Start of Listed entries

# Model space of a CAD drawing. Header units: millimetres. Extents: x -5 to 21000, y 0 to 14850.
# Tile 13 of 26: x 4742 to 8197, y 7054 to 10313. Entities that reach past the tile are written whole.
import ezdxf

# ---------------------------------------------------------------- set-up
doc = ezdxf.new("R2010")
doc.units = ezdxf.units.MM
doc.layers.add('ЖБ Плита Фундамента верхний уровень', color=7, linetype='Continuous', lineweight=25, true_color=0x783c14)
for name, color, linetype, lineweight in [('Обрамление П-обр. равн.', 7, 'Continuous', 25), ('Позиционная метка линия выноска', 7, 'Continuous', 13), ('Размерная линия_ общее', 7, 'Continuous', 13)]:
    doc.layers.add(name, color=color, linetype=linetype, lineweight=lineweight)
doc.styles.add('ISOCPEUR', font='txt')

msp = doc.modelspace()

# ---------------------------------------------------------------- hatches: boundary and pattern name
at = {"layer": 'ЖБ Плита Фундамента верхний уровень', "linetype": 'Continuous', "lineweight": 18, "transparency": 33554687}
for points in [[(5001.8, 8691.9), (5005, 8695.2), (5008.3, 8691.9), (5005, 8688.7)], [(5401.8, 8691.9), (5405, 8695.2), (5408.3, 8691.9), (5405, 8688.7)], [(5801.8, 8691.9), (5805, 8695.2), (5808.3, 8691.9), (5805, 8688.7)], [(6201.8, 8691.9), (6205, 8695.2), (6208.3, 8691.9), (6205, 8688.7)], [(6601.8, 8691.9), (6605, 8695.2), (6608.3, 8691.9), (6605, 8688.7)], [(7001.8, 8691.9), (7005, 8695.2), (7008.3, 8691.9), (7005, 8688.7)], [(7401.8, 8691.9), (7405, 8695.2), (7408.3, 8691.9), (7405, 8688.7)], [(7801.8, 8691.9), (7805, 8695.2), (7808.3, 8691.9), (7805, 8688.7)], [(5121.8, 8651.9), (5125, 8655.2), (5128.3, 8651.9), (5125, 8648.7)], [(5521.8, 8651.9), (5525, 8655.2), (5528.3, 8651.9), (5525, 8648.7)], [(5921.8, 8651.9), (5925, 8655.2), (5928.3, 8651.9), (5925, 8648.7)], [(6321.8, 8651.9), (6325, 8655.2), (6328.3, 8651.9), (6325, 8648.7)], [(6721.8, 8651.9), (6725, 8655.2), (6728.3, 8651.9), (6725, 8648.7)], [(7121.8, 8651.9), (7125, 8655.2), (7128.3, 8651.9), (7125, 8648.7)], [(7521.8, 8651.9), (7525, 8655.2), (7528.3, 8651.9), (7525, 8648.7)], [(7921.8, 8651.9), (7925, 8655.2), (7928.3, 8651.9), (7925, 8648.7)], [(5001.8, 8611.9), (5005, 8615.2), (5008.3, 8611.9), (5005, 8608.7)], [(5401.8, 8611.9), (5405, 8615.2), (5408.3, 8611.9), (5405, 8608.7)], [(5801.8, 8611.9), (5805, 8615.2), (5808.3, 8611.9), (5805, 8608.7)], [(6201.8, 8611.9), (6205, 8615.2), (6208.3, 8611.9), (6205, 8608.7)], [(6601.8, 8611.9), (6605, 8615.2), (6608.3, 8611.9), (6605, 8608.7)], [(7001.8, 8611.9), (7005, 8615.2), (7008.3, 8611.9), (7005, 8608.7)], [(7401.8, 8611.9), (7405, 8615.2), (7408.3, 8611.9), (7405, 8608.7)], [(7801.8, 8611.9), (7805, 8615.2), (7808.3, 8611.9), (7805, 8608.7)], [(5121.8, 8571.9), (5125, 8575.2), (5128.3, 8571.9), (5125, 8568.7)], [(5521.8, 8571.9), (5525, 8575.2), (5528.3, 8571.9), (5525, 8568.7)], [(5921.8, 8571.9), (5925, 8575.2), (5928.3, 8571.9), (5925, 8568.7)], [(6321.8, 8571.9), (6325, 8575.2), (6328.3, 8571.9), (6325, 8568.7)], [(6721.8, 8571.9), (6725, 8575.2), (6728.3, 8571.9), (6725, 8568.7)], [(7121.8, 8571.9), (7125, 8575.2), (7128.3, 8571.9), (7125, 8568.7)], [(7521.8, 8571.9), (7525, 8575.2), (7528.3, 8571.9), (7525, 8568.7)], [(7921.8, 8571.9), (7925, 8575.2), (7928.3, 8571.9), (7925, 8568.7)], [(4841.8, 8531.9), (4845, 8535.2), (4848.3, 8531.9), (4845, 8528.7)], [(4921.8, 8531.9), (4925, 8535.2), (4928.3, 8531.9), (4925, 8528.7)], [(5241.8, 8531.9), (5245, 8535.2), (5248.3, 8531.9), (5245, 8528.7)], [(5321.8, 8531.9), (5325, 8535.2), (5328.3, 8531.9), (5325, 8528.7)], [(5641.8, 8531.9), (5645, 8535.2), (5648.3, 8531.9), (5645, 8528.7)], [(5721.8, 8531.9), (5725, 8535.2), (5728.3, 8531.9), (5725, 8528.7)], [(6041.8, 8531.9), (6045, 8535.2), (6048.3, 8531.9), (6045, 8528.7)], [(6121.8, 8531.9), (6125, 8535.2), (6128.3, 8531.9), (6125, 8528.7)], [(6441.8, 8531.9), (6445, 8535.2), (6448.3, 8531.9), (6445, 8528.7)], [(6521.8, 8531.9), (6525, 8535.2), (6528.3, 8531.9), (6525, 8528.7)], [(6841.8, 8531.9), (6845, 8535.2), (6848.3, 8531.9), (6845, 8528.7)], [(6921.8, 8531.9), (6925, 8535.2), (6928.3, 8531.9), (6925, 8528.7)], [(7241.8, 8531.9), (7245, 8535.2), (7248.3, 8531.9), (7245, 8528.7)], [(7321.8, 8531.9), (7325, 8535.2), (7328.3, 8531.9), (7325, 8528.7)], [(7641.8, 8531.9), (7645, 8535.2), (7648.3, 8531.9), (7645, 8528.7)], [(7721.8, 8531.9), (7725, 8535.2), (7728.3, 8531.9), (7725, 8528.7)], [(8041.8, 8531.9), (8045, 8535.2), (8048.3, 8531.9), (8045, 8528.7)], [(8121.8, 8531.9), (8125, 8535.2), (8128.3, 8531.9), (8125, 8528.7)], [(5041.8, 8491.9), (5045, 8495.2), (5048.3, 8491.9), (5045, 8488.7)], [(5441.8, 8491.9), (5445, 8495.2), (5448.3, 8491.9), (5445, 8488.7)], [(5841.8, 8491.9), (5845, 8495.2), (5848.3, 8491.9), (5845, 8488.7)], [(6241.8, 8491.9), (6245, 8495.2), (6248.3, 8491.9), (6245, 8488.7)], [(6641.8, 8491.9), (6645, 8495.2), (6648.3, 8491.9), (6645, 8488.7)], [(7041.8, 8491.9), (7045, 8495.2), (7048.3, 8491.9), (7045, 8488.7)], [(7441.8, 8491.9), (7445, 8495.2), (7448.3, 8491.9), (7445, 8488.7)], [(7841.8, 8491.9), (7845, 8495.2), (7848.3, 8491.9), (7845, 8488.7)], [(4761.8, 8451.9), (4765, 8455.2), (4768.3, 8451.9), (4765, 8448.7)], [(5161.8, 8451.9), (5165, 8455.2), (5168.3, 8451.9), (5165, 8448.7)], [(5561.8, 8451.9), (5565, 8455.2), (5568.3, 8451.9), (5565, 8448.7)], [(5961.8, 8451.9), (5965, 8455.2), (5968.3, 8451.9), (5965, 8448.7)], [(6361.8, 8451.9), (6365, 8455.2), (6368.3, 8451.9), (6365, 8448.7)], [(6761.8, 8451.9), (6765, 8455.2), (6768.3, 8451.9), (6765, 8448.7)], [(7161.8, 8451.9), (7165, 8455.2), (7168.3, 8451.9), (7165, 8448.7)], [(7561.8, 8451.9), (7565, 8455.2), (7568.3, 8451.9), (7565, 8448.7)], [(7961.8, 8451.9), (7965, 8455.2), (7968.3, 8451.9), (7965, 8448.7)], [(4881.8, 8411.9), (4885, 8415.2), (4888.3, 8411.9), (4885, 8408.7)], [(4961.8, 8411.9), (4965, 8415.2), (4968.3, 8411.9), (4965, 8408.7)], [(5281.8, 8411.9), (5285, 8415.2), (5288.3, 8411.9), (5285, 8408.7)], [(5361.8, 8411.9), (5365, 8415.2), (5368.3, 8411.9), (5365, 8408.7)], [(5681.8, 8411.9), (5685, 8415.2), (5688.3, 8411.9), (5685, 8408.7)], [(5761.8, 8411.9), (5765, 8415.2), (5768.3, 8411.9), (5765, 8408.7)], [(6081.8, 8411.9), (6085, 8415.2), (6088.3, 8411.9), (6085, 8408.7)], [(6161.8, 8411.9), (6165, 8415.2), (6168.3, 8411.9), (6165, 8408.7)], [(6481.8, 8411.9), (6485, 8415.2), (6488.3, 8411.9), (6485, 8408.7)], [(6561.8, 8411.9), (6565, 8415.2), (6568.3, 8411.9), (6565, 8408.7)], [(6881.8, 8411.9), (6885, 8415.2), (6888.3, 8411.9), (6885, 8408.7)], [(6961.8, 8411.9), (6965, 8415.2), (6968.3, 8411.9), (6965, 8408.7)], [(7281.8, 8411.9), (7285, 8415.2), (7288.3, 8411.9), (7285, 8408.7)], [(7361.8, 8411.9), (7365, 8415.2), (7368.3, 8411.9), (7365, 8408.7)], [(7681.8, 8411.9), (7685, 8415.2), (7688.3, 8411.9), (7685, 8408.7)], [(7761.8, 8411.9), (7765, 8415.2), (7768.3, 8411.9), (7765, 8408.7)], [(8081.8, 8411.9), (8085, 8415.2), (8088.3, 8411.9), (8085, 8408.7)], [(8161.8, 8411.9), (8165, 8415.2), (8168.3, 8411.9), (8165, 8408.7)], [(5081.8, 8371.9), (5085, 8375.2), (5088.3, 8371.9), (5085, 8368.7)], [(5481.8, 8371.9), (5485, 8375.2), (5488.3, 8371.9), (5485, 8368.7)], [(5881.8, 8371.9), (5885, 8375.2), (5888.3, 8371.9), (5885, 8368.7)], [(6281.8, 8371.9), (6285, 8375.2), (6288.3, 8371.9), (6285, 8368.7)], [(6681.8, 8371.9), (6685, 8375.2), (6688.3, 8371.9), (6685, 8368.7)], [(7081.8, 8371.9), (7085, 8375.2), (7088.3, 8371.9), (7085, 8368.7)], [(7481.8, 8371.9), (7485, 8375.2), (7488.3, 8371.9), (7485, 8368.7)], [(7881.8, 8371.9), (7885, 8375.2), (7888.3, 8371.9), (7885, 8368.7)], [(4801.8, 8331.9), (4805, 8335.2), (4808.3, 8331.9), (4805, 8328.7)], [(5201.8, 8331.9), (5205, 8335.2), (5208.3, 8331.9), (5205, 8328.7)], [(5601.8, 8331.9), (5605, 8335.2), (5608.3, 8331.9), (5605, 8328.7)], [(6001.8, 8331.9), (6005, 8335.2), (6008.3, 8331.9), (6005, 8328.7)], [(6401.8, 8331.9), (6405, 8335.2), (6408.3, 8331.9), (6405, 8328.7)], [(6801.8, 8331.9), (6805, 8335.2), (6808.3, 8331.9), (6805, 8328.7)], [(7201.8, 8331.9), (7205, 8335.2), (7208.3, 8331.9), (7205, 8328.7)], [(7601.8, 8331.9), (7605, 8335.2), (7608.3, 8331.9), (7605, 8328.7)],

End of Listed entries

[Exercise prompt] In the entries above, find each line containing the string "Continuous" and copy it.

[Answer for this exercise]
doc.layers.add('ЖБ Плита Фундамента верхний уровень', color=7, linetype='Continuous', lineweight=25, true_color=0x783c14)
for name, color, linetype, lineweight in [('Обрамление П-обр. равн.', 7, 'Continuous', 25), ('Позиционная метка линия выноска', 7, 'Continuous', 13), ('Размерная линия_ общее', 7, 'Continuous', 13)]:
at = {"layer": 'ЖБ Плита Фундамента верхний уровень', "linetype": 'Continuous', "lineweight": 18, "transparency": 33554687}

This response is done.